Align Clinical CRO, an industry standards group founded by Veeva Systems and six of the world’s largest CROs (ICON plc, Medpace, Pharmaceutical Product Development LLC, PRA Health Sciences, Syneos Health, and UBC), has come together to create open technology standards to improve trial execution and collaboration with life sciences companies. The objective is “transforming clinical trial ops” to speed up development, making it easier for sponsors and CROs to work together during clinical trials, reports Ben Adams in Fierce Biotech.
Align Clinical CRO wants to make things “cheaper, quicker and more effective,” the article says. The consortium’s initial achievement will be an “Operational Data Exchange” standard that attempts to share information between the CROs and sponsors. It will define “a technical standard for data to be exchanged between a sponsor and a CRO relating to the operational execution of a trial, including key metrics and milestone information,” according to the group, which will post a draft of the standard for public review and input later this year. Feedback could be incorporated into the new standard.
According to Henry Levy, president of Align Clinical CRO, “There is tremendous potential to enhance clinical trial execution with common technology standards that benefit the entire industry. The assembly of Align Clinical CRO represents an important industry collaboration to improve the trial process and how the industry works together to accelerate drug development.”
As Thomas O’Leary, chief information officer at ICON, explains, “Leading experts are coming together in Align Clinical CRO to streamline how data is shared between CROs and sponsors during trials. We look forward to contributing to the group and creating standards that drive greater speed and productivity across the industry.”
Michael Brooks, executive vice president of product registration at PRA Health Sciences, adds, “This is the first time CROs are coming together to make this commitment to transform clinical trials across our industry…This shows our mutual commitment to make the drug development process more efficient and to help bring needed therapies to market more quickly.”
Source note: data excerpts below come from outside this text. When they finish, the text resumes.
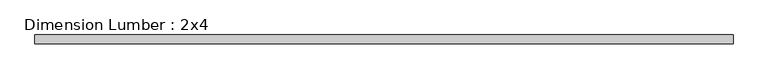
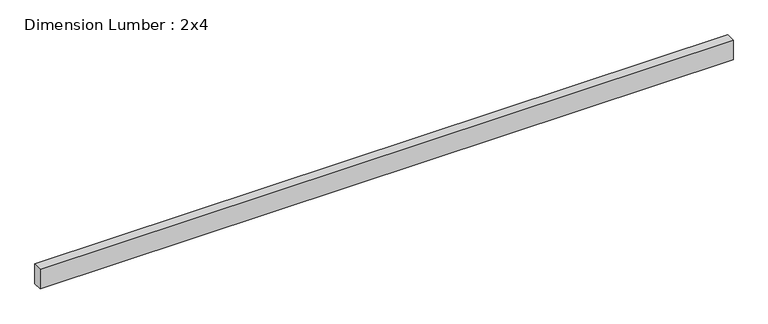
"""IFC4 building model written with IfcOpenShell, lengths in millimetres: beam geometry, Dimension Lumber : 2x4."""

from ifc_helpers import new_model, si_unit, frame, origin, place, context, project, spatial, polyline, outline, extrude, source, transform, mapped, element, save


def dimension_lumber_2x4_738760fd(model_context):
    return source(origin(), model_context, "Body", "SweptSolid", [
        extrude(outline(polyline([(1470.6699219, 19.05), (1470.6699219, -19.05), (-1470.6699219, -19.05), (-1470.6699219, 19.05), (1470.6699219, 19.05)])), frame((0.0, 0.0, -44.45), z_axis=(0.0, 0.0, 1.0), x_axis=(1.0, 0.0, 0.0)), (0.0, 0.0, 1.0), 88.9),
    ])


if __name__ == "__main__":
    model = new_model("IFC4")
    model_context = context("Model", 3, world=origin())
    ifc_project = project(units=[si_unit("LENGTHUNIT", "METRE", prefix="MILLI")], contexts=[model_context])
    site = spatial("IfcSite", under=ifc_project)
    building = spatial("IfcBuilding", under=site)
    placement = place(None, origin())
    dimension_lumber_2x4_shape = dimension_lumber_2x4_738760fd(model_context)
    element("IfcBeam", 1, ObjectType="Dimension Lumber : 2x4", at=placement, inside=building, context=model_context, shape_type="MappedRepresentation", body=[
        mapped(dimension_lumber_2x4_shape, transform((0.0, 0.0, 0.0), x_axis=(1.0, 0.0, 0.0), y_axis=(0.0, 1.0, 0.0), z_axis=(0.0, 0.0, 1.0))),
    ])
    save(model, "model.ifc")

“Align Clinical CRO will help speed the timeline for gaining new therapy approvals for patients,” says Rachel Stahler, chief information officer at Syneos Health. “By creating a vehicle for CROs to collaborate and share actionable insight with sponsors, we can improve operational delivery and streamline the increasingly complex trial process.”
Mark Roseman, senior vice president of clinical operations at Medpace, says,“Align Clinical CRO will play an important role in helping the industry accelerate innovation and get new treatments to patients faster. We are excited to join forces with like-minded CROs…to move the industry forward…”
“UBC is excited to join Align Clinical CRO,” states Brett Huselton, senior vice president of commercial strategy for product and opportunity development at UBC. “We are committed to developing open technology standards that benefit the entire industry and make clinical trial processes more efficient.”